Give back every entry precisely as written, without any of the images.

··· INFORMATION

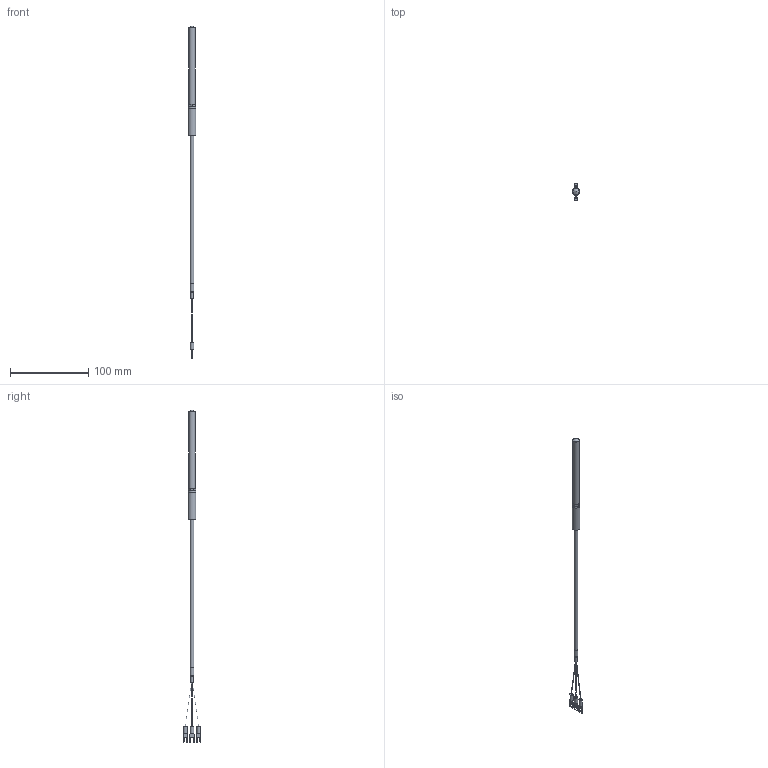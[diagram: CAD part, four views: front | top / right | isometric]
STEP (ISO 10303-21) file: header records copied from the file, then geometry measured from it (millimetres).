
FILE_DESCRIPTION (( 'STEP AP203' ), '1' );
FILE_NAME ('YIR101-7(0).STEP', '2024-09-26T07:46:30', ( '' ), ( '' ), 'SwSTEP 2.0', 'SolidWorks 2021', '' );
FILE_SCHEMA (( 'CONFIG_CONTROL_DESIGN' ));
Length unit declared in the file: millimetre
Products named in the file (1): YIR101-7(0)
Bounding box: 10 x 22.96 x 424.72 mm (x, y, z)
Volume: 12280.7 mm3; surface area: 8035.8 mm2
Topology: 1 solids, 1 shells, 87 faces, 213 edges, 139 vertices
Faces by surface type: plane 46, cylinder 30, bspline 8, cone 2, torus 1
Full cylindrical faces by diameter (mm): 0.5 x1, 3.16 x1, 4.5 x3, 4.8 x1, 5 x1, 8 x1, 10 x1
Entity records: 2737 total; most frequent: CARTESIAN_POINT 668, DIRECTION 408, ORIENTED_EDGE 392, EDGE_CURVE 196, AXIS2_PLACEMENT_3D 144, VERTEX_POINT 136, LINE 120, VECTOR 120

······

= COMPLETED EXERCISE =
[diagram: CAD part, four views: front | top / right | isometric]
STEP (ISO 10303-21) file: header records copied from the file, then geometry measured from it (millimetres).
FILE_DESCRIPTION (( 'STEP AP203' ), '1' );
FILE_NAME ('YIR101-7(0).STEP', '2024-09-26T07:46:30', ( '' ), ( '' ), 'SwSTEP 2.0', 'SolidWorks 2021', '' );
FILE_SCHEMA (( 'CONFIG_CONTROL_DESIGN' ));
Length unit declared in the file: millimetre
Products named in the file (1): YIR101-7(0)
Bounding box: 10 x 22.96 x 424.72 mm (x, y, z)
Volume: 12280.7 mm3; surface area: 8035.8 mm2
Topology: 1 solids, 1 shells, 87 faces, 213 edges, 139 vertices
Faces by surface type: plane 46, cylinder 30, bspline 8, cone 2, torus 1
Full cylindrical faces by diameter (mm): 0.5 x1, 3.16 x1, 4.5 x3, 4.8 x1, 5 x1, 8 x1, 10 x1
Entity records: 2737 total; most frequent: CARTESIAN_POINT 668, DIRECTION 408, ORIENTED_EDGE 392, EDGE_CURVE 196, AXIS2_PLACEMENT_3D 144, VERTEX_POINT 136, LINE 120, VECTOR 120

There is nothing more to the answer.